Dataset excerpts:
*****
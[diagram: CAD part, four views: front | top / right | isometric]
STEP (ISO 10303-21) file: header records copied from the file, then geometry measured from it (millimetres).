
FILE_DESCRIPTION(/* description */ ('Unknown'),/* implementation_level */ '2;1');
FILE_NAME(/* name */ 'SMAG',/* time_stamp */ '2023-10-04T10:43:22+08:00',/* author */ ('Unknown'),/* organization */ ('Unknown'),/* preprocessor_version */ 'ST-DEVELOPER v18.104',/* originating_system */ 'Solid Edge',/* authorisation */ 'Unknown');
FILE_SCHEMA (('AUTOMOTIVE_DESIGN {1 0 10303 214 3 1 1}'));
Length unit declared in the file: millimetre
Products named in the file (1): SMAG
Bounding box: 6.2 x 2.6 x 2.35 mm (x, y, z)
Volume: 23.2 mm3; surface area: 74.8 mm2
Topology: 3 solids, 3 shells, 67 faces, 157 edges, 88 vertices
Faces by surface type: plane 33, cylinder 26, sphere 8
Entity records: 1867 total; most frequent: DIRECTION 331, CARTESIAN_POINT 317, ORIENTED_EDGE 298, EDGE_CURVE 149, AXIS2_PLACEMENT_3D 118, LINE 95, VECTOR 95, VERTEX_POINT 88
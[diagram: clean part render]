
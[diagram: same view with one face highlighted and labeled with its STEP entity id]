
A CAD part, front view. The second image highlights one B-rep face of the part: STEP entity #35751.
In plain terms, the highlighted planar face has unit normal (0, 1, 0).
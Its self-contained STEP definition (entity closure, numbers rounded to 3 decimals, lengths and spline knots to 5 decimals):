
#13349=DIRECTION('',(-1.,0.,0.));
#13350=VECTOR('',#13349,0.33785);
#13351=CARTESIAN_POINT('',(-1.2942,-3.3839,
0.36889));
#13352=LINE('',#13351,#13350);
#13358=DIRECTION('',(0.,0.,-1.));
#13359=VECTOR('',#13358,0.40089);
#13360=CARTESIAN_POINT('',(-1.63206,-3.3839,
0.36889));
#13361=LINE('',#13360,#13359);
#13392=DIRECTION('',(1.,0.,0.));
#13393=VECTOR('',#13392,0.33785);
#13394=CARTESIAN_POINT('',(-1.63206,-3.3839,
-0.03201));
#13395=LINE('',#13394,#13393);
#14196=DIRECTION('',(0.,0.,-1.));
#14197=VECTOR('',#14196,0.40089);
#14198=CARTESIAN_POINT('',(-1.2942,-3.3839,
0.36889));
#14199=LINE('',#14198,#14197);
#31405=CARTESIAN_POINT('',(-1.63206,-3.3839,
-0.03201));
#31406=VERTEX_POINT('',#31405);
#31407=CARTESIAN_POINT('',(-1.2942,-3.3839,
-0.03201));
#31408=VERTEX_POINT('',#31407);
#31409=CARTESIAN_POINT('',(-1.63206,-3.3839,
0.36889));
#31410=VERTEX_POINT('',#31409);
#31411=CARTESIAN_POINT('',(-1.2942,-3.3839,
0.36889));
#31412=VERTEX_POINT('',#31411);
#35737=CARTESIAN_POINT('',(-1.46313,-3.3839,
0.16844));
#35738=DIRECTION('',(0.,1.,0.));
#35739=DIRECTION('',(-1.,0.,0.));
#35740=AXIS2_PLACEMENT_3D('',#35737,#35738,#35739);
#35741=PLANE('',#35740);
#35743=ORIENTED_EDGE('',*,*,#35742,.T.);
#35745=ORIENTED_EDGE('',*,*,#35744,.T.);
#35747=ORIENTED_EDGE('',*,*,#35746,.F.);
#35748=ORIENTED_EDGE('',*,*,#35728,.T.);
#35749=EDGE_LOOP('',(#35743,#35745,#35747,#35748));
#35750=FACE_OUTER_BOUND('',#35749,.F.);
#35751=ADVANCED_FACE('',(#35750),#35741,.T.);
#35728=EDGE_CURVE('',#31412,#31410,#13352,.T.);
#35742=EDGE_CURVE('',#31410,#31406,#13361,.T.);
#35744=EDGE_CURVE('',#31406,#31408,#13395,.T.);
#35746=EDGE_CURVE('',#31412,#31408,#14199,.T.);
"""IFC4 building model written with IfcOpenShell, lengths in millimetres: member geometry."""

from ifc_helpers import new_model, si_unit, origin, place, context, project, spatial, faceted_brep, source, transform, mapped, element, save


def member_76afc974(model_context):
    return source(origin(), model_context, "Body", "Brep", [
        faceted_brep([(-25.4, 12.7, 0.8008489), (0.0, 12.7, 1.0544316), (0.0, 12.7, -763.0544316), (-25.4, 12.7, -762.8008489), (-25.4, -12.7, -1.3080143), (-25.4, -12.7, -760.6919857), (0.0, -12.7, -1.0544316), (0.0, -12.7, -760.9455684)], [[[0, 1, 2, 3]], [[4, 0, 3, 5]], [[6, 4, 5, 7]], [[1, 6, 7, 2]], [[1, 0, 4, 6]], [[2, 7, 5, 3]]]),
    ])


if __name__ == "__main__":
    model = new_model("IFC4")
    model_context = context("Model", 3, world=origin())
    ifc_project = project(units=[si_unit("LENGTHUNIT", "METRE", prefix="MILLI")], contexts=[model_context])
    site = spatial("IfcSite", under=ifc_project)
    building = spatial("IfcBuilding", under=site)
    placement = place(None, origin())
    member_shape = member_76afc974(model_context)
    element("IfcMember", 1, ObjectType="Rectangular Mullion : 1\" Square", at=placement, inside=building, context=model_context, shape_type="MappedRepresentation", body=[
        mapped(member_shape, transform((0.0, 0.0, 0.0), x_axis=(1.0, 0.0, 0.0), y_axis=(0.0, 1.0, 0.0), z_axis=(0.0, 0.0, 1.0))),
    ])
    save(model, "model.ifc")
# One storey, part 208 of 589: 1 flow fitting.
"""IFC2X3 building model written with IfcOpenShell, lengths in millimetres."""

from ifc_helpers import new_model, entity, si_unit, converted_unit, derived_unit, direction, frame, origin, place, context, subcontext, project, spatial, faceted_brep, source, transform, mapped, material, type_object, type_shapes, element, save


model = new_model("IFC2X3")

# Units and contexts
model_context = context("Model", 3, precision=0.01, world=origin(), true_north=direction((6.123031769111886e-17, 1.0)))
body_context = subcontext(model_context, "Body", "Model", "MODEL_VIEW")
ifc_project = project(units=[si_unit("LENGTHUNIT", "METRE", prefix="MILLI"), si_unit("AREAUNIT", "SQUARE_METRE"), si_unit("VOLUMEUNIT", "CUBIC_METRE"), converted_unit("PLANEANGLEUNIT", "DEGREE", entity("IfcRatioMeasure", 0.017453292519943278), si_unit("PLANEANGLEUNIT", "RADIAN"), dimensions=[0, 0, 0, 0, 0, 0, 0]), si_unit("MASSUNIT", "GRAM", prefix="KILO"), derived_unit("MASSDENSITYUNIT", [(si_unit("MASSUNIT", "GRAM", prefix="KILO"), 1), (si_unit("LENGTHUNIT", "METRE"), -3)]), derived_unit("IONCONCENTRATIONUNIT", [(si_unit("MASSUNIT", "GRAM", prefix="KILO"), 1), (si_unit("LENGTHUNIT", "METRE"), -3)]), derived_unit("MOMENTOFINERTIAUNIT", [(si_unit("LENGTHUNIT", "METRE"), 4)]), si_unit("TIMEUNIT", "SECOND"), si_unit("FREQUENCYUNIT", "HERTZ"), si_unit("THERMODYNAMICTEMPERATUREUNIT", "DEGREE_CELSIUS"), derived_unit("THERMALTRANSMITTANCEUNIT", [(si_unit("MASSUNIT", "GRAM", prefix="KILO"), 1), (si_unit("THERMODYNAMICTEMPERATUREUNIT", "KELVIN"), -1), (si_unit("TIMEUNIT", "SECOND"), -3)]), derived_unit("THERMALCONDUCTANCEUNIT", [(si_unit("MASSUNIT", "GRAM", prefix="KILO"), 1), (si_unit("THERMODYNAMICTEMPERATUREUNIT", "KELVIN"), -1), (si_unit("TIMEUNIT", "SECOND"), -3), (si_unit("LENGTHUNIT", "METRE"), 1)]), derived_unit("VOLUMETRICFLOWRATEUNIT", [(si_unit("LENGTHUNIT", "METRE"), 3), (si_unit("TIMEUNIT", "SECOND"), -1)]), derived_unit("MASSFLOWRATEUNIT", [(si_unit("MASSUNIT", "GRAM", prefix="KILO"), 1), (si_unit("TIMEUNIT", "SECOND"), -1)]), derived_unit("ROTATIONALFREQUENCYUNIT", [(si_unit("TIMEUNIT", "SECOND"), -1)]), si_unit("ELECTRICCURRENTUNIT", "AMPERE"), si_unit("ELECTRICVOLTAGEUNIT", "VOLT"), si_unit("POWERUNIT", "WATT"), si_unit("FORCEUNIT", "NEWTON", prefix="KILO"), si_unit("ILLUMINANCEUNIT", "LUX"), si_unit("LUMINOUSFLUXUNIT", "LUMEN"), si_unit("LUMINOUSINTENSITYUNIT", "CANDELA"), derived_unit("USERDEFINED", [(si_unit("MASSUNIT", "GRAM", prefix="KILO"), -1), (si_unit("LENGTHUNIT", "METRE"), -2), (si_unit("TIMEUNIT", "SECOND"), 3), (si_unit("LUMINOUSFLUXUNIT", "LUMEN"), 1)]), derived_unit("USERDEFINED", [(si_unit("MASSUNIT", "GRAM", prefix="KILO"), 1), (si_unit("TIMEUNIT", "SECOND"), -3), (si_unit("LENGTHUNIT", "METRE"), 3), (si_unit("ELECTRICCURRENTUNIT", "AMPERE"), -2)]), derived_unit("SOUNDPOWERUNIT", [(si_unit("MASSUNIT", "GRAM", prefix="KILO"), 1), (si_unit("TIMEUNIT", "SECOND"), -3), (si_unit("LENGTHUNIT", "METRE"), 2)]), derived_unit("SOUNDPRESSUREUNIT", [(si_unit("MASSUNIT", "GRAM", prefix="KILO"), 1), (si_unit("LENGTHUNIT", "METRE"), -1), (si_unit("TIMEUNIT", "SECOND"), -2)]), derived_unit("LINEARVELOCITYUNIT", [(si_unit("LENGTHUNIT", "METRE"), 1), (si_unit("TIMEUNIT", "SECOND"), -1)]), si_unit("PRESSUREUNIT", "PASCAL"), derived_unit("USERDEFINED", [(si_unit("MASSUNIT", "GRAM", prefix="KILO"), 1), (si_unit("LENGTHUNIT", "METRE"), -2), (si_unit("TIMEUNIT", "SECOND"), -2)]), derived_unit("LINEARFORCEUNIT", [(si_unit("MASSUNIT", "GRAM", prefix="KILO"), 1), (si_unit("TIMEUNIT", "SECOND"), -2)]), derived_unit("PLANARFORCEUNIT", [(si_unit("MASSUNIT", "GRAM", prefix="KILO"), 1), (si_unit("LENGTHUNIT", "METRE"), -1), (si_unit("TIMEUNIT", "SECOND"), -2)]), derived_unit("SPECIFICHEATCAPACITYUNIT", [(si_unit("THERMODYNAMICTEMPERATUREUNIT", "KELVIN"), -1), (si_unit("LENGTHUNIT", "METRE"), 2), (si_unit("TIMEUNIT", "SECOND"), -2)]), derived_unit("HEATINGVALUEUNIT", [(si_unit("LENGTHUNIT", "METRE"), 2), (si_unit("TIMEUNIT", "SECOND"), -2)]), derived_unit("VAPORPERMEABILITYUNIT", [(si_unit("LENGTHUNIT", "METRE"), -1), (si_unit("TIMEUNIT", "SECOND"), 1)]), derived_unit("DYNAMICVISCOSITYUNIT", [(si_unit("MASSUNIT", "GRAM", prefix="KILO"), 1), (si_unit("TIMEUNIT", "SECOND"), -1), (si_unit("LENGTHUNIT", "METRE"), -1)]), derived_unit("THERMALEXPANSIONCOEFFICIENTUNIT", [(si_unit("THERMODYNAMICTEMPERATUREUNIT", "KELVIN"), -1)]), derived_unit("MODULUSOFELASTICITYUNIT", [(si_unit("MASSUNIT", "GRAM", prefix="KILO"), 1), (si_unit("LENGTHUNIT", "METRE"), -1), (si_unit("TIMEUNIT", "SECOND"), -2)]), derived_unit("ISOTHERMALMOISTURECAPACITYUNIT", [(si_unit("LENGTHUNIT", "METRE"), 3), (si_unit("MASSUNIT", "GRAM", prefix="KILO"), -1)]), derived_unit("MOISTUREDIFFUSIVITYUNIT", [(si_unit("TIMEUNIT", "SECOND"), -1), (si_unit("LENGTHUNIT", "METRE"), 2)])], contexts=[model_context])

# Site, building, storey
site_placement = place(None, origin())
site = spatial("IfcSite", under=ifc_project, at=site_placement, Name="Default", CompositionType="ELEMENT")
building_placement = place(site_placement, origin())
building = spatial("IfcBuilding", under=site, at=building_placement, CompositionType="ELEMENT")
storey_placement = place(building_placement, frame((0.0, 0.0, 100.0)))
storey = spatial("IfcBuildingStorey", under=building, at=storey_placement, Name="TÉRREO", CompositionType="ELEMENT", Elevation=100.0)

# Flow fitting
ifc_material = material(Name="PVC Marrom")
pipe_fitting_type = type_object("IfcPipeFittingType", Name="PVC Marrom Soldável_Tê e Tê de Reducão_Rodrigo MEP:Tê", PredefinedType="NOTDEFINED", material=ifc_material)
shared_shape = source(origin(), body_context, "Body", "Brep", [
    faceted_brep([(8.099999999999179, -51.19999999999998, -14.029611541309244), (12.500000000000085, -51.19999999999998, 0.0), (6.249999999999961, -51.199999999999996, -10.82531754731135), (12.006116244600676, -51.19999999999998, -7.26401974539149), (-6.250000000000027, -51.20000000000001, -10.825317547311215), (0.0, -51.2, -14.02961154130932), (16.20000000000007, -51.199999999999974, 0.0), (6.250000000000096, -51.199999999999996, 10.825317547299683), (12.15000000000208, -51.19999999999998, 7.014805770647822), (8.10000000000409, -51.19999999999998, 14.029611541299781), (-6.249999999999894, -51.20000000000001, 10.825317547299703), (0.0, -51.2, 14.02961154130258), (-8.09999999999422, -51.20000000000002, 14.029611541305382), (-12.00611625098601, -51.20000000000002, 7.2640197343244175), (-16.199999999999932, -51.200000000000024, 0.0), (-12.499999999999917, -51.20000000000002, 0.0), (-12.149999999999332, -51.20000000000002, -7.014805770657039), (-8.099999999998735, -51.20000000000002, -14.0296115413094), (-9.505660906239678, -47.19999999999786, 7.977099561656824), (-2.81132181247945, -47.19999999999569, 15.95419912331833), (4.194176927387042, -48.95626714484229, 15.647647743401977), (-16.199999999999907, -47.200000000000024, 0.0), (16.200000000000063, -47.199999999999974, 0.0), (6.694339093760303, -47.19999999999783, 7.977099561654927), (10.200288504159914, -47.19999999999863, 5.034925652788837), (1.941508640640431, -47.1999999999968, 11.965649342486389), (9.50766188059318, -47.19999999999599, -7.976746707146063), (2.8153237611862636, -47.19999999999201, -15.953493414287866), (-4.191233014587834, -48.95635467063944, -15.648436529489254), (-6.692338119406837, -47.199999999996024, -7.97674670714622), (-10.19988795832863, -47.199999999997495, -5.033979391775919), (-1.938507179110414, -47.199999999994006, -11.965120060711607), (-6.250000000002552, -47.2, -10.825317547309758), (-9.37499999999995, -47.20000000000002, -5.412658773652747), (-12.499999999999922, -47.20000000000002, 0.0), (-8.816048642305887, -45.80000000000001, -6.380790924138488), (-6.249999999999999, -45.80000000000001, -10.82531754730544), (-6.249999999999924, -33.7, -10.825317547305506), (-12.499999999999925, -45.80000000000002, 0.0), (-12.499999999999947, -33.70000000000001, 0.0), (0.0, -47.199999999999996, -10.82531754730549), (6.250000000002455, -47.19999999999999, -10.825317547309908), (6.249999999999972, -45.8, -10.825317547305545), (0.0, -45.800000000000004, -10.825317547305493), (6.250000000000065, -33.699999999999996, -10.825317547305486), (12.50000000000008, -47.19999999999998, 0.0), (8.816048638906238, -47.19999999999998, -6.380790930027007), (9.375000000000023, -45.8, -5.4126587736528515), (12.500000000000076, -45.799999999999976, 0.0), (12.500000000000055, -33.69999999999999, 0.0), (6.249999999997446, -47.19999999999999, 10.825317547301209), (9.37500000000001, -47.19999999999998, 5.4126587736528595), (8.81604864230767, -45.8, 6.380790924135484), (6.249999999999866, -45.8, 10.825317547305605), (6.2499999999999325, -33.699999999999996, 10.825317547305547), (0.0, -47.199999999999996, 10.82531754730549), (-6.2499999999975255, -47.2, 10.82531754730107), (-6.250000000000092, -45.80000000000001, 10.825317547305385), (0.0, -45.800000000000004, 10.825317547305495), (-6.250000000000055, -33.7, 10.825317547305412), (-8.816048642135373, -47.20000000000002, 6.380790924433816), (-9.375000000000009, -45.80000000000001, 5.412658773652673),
*****
Work instruction: Write out exactly the lines that fall from the line with "#14197=VECTOR('',#14196,0.40089);" to the line with "#35750=FACE_OUTER_BOUND('',#35749,.F.);" in the records above, keeping both ends.

Written answer:
#14197=VECTOR('',#14196,0.40089);
#14198=CARTESIAN_POINT('',(-1.2942,-3.3839,
0.36889));
#14199=LINE('',#14198,#14197);
#31405=CARTESIAN_POINT('',(-1.63206,-3.3839,
-0.03201));
#31406=VERTEX_POINT('',#31405);
#31407=CARTESIAN_POINT('',(-1.2942,-3.3839,
-0.03201));
#31408=VERTEX_POINT('',#31407);
#31409=CARTESIAN_POINT('',(-1.63206,-3.3839,
0.36889));
#31410=VERTEX_POINT('',#31409);
#31411=CARTESIAN_POINT('',(-1.2942,-3.3839,
0.36889));
#31412=VERTEX_POINT('',#31411);
#35737=CARTESIAN_POINT('',(-1.46313,-3.3839,
0.16844));
#35738=DIRECTION('',(0.,1.,0.));
#35739=DIRECTION('',(-1.,0.,0.));
#35740=AXIS2_PLACEMENT_3D('',#35737,#35738,#35739);
#35741=PLANE('',#35740);
#35743=ORIENTED_EDGE('',*,*,#35742,.T.);
#35745=ORIENTED_EDGE('',*,*,#35744,.T.);
#35747=ORIENTED_EDGE('',*,*,#35746,.F.);
#35748=ORIENTED_EDGE('',*,*,#35728,.T.);
#35749=EDGE_LOOP('',(#35743,#35745,#35747,#35748));
#35750=FACE_OUTER_BOUND('',#35749,.F.);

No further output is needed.